Handy is the newest AI based tool I’ve acquired. It’s a free, open-source voice transcription software. Download the software, download a LLM model and then when you want to talk, simply enable the translation through keyboard shortcuts.

I do journal daily and Handy makes this easier. I press some keys and start talking. Handy handles the translation to text and it works pretty well. Upside is it’s free. Downside is it’s desktop only and I like to be able to dictate on my phone.

Chatbots

This list wouldn’t be complete without listing out the chatbots I use.

90% of my Chatbot usage is in Gemini. I have a paid subscription through Google Apps which gives me higher / better model access. Early on I moved over to using Gemini because it could generate the blog hero images → the stickmen I use. Way before ChatGPT made it so you could generate images in the chat Gemini did and so i moved over.

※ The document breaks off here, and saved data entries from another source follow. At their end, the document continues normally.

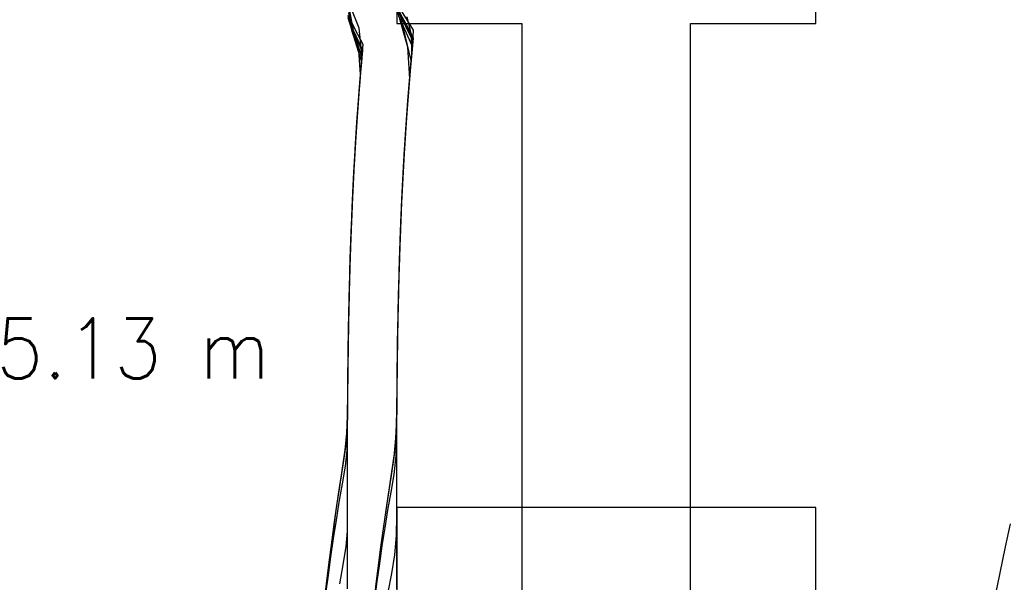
# Model space of a CAD drawing. Header units: metres. Extents: x 209848 to 209928, y 1182430 to 1182563.
# Tile 869 of 1056: x 209847.77 to 209853.77, y 1182495.07 to 1182498.49. Entities that reach past the tile are written whole.
import ezdxf
from ezdxf.enums import TextEntityAlignment as Align

# ---------------------------------------------------------------- set-up
doc = ezdxf.new("R2010")
doc.units = ezdxf.units.M
doc.header["$MEASUREMENT"] = 0
doc.linetypes.add('DGN Style 2', pattern=[15.036391, 9.021834, -6.014556])
doc.layers.get('0').update_dxf_attribs({"color": 254})
doc.styles.add('TSText', font='simplex.shx')

# ---------------------------------------------------------------- blocks, each defined once
blk = doc.blocks.new('*U2')
at = {"color": 3, "linetype": 'Continuous'}
for p, q in [((-1.2072, -0.7341), (-1.275, -0.4996)), ((-1.1957, -0.9246), (-1.2072, -0.7341)), ((-1.2091, -1.0951), (-1.1957, -0.9246)), ((-1.221, -1.2643), (-1.2091, -1.0951)), ((-1.2312, -1.4321), (-1.221, -1.2643)), ((-1.24, -1.5985), (-1.2312, -1.4321)), ((-1.2475, -1.7635), (-1.24, -1.5985)), ((-1.2524, -1.8865), (-1.2475, -1.7635)), ((-1.2567, -2.0096), (-1.2524, -1.8865)), ((-1.2604, -2.1327), (-1.2567, -2.0096)), ((-1.2636, -2.2559), (-1.2604, -2.1327)), ((-1.2663, -2.379), (-1.2636, -2.2559)), ((-1.2686, -2.5022), (-1.2663, -2.379)), ((-1.2704, -2.6252), (-1.2686, -2.5022)), ((-1.2718, -2.7482), (-1.2704, -2.6252)), ((-1.273, -2.8709), (-1.2718, -2.7482)), ((-1.2749, -2.9931), (-1.273, -2.8709)), ((-1.28, -3.113), (-1.2749, -2.9931)), ((-1.2914, -3.2291), (-1.28, -3.113)), ((-1.3078, -3.3421), (-1.2914, -3.2291)), ((-1.3252, -3.4544), (-1.3078, -3.3421)), ((-1.3418, -3.5668), (-1.3252, -3.4544)), ((-1.3578, -3.6793), (-1.3418, -3.5668)), ((-1.3731, -3.792), (-1.3578, -3.6793)), ((-1.3878, -3.9047), (-1.3731, -3.792)), ((-1.4018, -4.0175), (-1.3878, -3.9047))]:
    blk.add_line(p, q, dxfattribs=at)
at = {"color": 40, "linetype": 'Continuous'}
for p, q in [((-1.5632, -0.5829), (-1.5697, -0.5556)), ((-1.5067, -0.7522), (-1.5632, -0.5829)), ((-1.4948, -0.9011), (-1.5067, -0.7522)), ((-1.5084, -1.0742), (-1.4948, -0.9011)), ((-1.5204, -1.2461), (-1.5084, -1.0742)), ((-1.5307, -1.4162), (-1.5204, -1.2461)), ((-1.5397, -1.5849), (-1.5307, -1.4162)), ((-1.5473, -1.7516), (-1.5397, -1.5849)), ((-1.5522, -1.8761), (-1.5473, -1.7516)), ((-1.5565, -2.0005), (-1.5522, -1.8761)), ((-1.5603, -2.1249), (-1.5565, -2.0005)), ((-1.5635, -2.2493), (-1.5603, -2.1249)), ((-1.5663, -2.3735), (-1.5635, -2.2493)), ((-1.5685, -2.4977), (-1.5663, -2.3735)), ((-1.5704, -2.6217), (-1.5685, -2.4977)), ((-1.5718, -2.7452), (-1.5704, -2.6217)), ((-1.573, -2.8664), (-1.5718, -2.7452)), ((-1.5746, -2.9803), (-1.573, -2.8664)), ((-1.5785, -3.0837), (-1.5746, -2.9803)), ((-1.5883, -3.1859), (-1.5785, -3.0837)), ((-1.6043, -3.2964), (-1.5883, -3.1859)), ((-1.6219, -3.4105), (-1.6043, -3.2964)), ((-1.6388, -3.5246), (-1.6219, -3.4105)), ((-1.655, -3.6389), (-1.6388, -3.5246)), ((-1.6706, -3.7532), (-1.655, -3.6389)), ((-1.6855, -3.8677), (-1.6706, -3.7532)), ((-1.6997, -3.9822), (-1.6855, -3.8677)), ((-1.7133, -4.0967), (-1.6997, -3.9822))]:
    blk.add_line(p, q, dxfattribs=at)
blk = doc.blocks.new('*U3')
at = {"color": 3, "linetype": 'Continuous'}
for p, q in [((-1.2365, -0.6126), (-1.275, -0.414)), ((-1.1863, -0.8151), (-1.2365, -0.6126)), ((-1.1998, -0.9738), (-1.1863, -0.8151)), ((-1.2119, -1.1317), (-1.1998, -0.9738)), ((-1.2226, -1.2885), (-1.2119, -1.1317)), ((-1.232, -1.4445), (-1.2226, -1.2885)), ((-1.2402, -1.5994), (-1.232, -1.4445)), ((-1.2473, -1.7533), (-1.2402, -1.5994)), ((-1.2532, -1.9061), (-1.2473, -1.7533)), ((-1.2583, -2.0577), (-1.2532, -1.9061)), ((-1.2625, -2.2083), (-1.2583, -2.0577)), ((-1.2659, -2.3577), (-1.2625, -2.2083)), ((-1.2687, -2.5058), (-1.2659, -2.3577)), ((-1.2708, -2.6529), (-1.2687, -2.5058)), ((-1.2721, -2.7696), (-1.2708, -2.6529)), ((-1.2732, -2.8862), (-1.2721, -2.7696)), ((-1.2745, -3.0026), (-1.2732, -2.8862)), ((-1.2784, -3.1175), (-1.2745, -3.0026)), ((-1.2898, -3.2288), (-1.2784, -3.1175)), ((-1.3072, -3.3372), (-1.2898, -3.2288)), ((-1.324, -3.4457), (-1.3072, -3.3372)), ((-1.3401, -3.5544), (-1.324, -3.4457)), ((-1.3556, -3.6632), (-1.3401, -3.5544)), ((-1.3705, -3.7722), (-1.3556, -3.6632)), ((-1.3849, -3.8812), (-1.3705, -3.7722)), ((-1.3986, -3.9904), (-1.3849, -3.8812)), ((-1.4117, -4.0997), (-1.3986, -3.9904))]:
    blk.add_line(p, q, dxfattribs=at)
at = {"color": 40, "linetype": 'Continuous'}
for p, q in [((-1.5299, -0.6747), (-1.5695, -0.4712)), ((-1.5276, -0.6847), (-1.5299, -0.6747)), ((-1.4852, -0.7896), (-1.5276, -0.6847)), ((-1.4989, -0.9509), (-1.4852, -0.7896)), ((-1.5112, -1.1111), (-1.4989, -0.9509)), ((-1.5221, -1.2705), (-1.5112, -1.1111)), ((-1.5316, -1.4286), (-1.5221, -1.2705)), ((-1.5399, -1.5857), (-1.5316, -1.4286)), ((-1.547, -1.7415), (-1.5399, -1.5857)), ((-1.5531, -1.896), (-1.547, -1.7415)), ((-1.5582, -2.0494), (-1.5531, -1.896)), ((-1.5625, -2.2014), (-1.5582, -2.0494)), ((-1.5659, -2.3521), (-1.5625, -2.2014)), ((-1.5687, -2.5015), (-1.5659, -2.3521)), ((-1.5708, -2.6495), (-1.5687, -2.5015)), ((-1.5721, -2.7669), (-1.5708, -2.6495)), ((-1.5731, -2.8828), (-1.5721, -2.7669)), ((-1.5743, -2.9923), (-1.5731, -2.8828)), ((-1.5769, -3.087), (-1.5743, -2.9923)), ((-1.586, -3.1812), (-1.5769, -3.087)), ((-1.6037, -3.2914), (-1.586, -3.1812)), ((-1.6207, -3.4016), (-1.6037, -3.2914)), ((-1.6371, -3.512), (-1.6207, -3.4016)), ((-1.6529, -3.6225), (-1.6371, -3.512)), ((-1.668, -3.7331), (-1.6529, -3.6225)), ((-1.6825, -3.8438), (-1.668, -3.7331)), ((-1.6964, -3.9546), (-1.6825, -3.8438)), ((-1.7098, -4.0654), (-1.6964, -3.9546))]:
    blk.add_line(p, q, dxfattribs=at)
blk = doc.blocks.new('*U4')
at = {"color": 40, "linetype": 'Continuous'}
for p, q in [((-1.5603, -0.574), (-1.5736, -0.4356)), ((-1.5554, -0.6061), (-1.5603, -0.574)), ((-1.5469, -0.6379), (-1.5554, -0.6061)), ((-1.5352, -0.6683), (-1.5469, -0.6379)), ((-1.4884, -0.8259), (-1.5352, -0.6683)), ((-1.4988, -0.9491), (-1.4884, -0.8259)), ((-1.5084, -1.0726), (-1.4988, -0.9491)), ((-1.5172, -1.1962), (-1.5084, -1.0726)), ((-1.5252, -1.32), (-1.5172, -1.1962)), ((-1.5325, -1.4439), (-1.5252, -1.32)), ((-1.539, -1.5678), (-1.5325, -1.4439)), ((-1.5448, -1.6917), (-1.539, -1.5678)), ((-1.55, -1.8156), (-1.5448, -1.6917)), ((-1.5546, -1.9395), (-1.55, -1.8156)), ((-1.5586, -2.0634), (-1.5546, -1.9395)), ((-1.5621, -2.187), (-1.5586, -2.0634)), ((-1.5651, -2.3108), (-1.5621, -2.187)), ((-1.5676, -2.4342), (-1.5651, -2.3108)), ((-1.5696, -2.5577), (-1.5676, -2.4342)), ((-1.5712, -2.6808), (-1.5696, -2.5577)), ((-1.5724, -2.8035), (-1.5712, -2.6808)), ((-1.5734, -2.9225), (-1.5724, -2.8035)), ((-1.575, -3.03), (-1.5734, -2.9225)), ((-1.5804, -3.1267), (-1.575, -3.03)), ((-1.5941, -3.2314), (-1.5804, -3.1267)), ((-1.6118, -3.3434), (-1.5941, -3.2314)), ((-1.6288, -3.4557), (-1.6118, -3.3434)), ((-1.6452, -3.5678), (-1.6288, -3.4557)), ((-1.6609, -3.6803), (-1.6452, -3.5678)), ((-1.676, -3.7926), (-1.6609, -3.6803)), ((-1.6904, -3.9052), (-1.676, -3.7926)), ((-1.7041, -4.0177), (-1.6904, -3.9052))]:
    blk.add_line(p, q, dxfattribs=at)
at = {"color": 3, "linetype": 'Continuous'}
for p, q in [((-1.1784, -0.7301), (-1.2616, -0.5452)), ((-1.1895, -0.8511), (-1.1784, -0.7301)), ((-1.1997, -0.9724), (-1.1895, -0.8511)), ((-1.2092, -1.0939), (-1.1997, -0.9724)), ((-1.2179, -1.2156), (-1.2092, -1.0939)), ((-1.2258, -1.3376), (-1.2179, -1.2156)), ((-1.2329, -1.4596), (-1.2258, -1.3376)), ((-1.2393, -1.5819), (-1.2329, -1.4596)), ((-1.2451, -1.7043), (-1.2393, -1.5819)), ((-1.2502, -1.8268), (-1.2451, -1.7043)), ((-1.2548, -1.9492), (-1.2502, -1.8268)), ((-1.2588, -2.0718), (-1.2548, -1.9492)), ((-1.2622, -2.1942), (-1.2588, -2.0718)), ((-1.2651, -2.3168), (-1.2622, -2.1942)), ((-1.2676, -2.4392), (-1.2651, -2.3168)), ((-1.2696, -2.5616), (-1.2676, -2.4392)), ((-1.2712, -2.6838), (-1.2696, -2.5616)), ((-1.2725, -2.806), (-1.2712, -2.6838)), ((-1.2735, -2.9278), (-1.2725, -2.806)), ((-1.2756, -3.0488), (-1.2735, -2.9278)), ((-1.283, -3.1659), (-1.2756, -3.0488)), ((-1.2978, -3.2783), (-1.283, -3.1659)), ((-1.3152, -3.3885), (-1.2978, -3.2783)), ((-1.332, -3.499), (-1.3152, -3.3885)), ((-1.3481, -3.6094), (-1.332, -3.499)), ((-1.3636, -3.7201), (-1.3481, -3.6094)), ((-1.3784, -3.8308), (-1.3636, -3.7201)), ((-1.3926, -3.9417), (-1.3784, -3.8308)), ((-1.4062, -4.0525), (-1.3926, -3.9417))]:
    blk.add_line(p, q, dxfattribs=at)
blk = doc.blocks.new('*U5')
at = {"color": 40, "linetype": 'Continuous'}
for p, q in [((-1.5035, -0.6192), (-1.5559, -0.4856)), ((-1.4855, -0.7929), (-1.5035, -0.6192)), ((-1.496, -0.9144), (-1.4855, -0.7929)), ((-1.5057, -1.036), (-1.496, -0.9144)), ((-1.5145, -1.1578), (-1.5057, -1.036)), ((-1.5227, -1.2796), (-1.5145, -1.1578)), ((-1.5301, -1.4017), (-1.5227, -1.2796)), ((-1.5368, -1.5238), (-1.5301, -1.4017)), ((-1.5428, -1.6459), (-1.5368, -1.5238)), ((-1.5481, -1.768), (-1.5428, -1.6459)), ((-1.5529, -1.8901), (-1.5481, -1.768)), ((-1.5571, -2.0121), (-1.5529, -1.8901)), ((-1.5607, -2.1342), (-1.5571, -2.0121)), ((-1.5638, -2.2561), (-1.5607, -2.1342)), ((-1.5665, -2.3779), (-1.5638, -2.2561)), ((-1.5687, -2.4996), (-1.5665, -2.3779)), ((-1.5705, -2.6211), (-1.5687, -2.4996)), ((-1.5719, -2.7424), (-1.5705, -2.6211)), ((-1.573, -2.8635), (-1.5719, -2.7424)), ((-1.5737, -2.9832), (-1.573, -2.8635)), ((-1.5745, -3.0943), (-1.5737, -2.9832)), ((-1.5772, -3.1895), (-1.5745, -3.0943)), ((-1.5874, -3.2851), (-1.5772, -3.1895)), ((-1.6056, -3.3927), (-1.5874, -3.2851)), ((-1.6245, -3.5032), (-1.6056, -3.3927)), ((-1.6425, -3.6139), (-1.6245, -3.5032)), ((-1.6597, -3.7248), (-1.6425, -3.6139)), ((-1.6759, -3.8359), (-1.6597, -3.7248)), ((-1.6913, -3.9474), (-1.6759, -3.8359)), ((-1.7059, -4.0588), (-1.6913, -3.9474))]:
    blk.add_line(p, q, dxfattribs=at)
at = {"color": 3, "linetype": 'Continuous'}
for p, q in [((-1.1756, -0.6994), (-1.2118, -0.5489)), ((-1.1866, -0.8186), (-1.1756, -0.6994)), ((-1.197, -0.9381), (-1.1866, -0.8186)), ((-1.2065, -1.0578), (-1.197, -0.9381)), ((-1.2152, -1.1778), (-1.2065, -1.0578)), ((-1.2232, -1.2978), (-1.2152, -1.1778)), ((-1.2305, -1.4181), (-1.2232, -1.2978)), ((-1.2371, -1.5385), (-1.2305, -1.4181)), ((-1.2431, -1.6591), (-1.2371, -1.5385)), ((-1.2483, -1.7797), (-1.2431, -1.6591)), ((-1.2531, -1.9004), (-1.2483, -1.7797)), ((-1.2572, -2.0211), (-1.2531, -1.9004)), ((-1.2608, -2.1419), (-1.2572, -2.0211)), ((-1.2639, -2.2626), (-1.2608, -2.1419)), ((-1.2665, -2.3833), (-1.2639, -2.2626)), ((-1.2687, -2.504), (-1.2665, -2.3833)), ((-1.2705, -2.6246), (-1.2687, -2.504)), ((-1.2719, -2.7451), (-1.2705, -2.6246)), ((-1.273, -2.8655), (-1.2719, -2.7451)), ((-1.2738, -2.9856), (-1.273, -2.8655)), ((-1.2747, -3.1054), (-1.2738, -2.9856)), ((-1.2791, -3.2228), (-1.2747, -3.1054)), ((-1.2916, -3.335), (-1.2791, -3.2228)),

Occasionally I’ll compare notes using ChatGPT or Perplexity. I’d say it’s 90%/9%/1% in terms of mindshare between Gemini/ChatGPT/Perplexity.

That snapshot is where I’m at today but my todo list is a mile long.

Future

So much to do!

There are some pretty big gaps in terms of the tools I haven’t tried. Claude Code and Cursor are missing from this list. Everyone seems to be using Claude, so there is some pull to try it.

I expect my own pacing of learning and code output will increase as I get more comfortable with giving agents work to do. I’m already starting to tackle problems using test-driven development (where I write the tests or assertions and then let the AI implement the code).

I expect this stack will look different in six months and that’s exactly why I’m documenting this 'snapshot' now!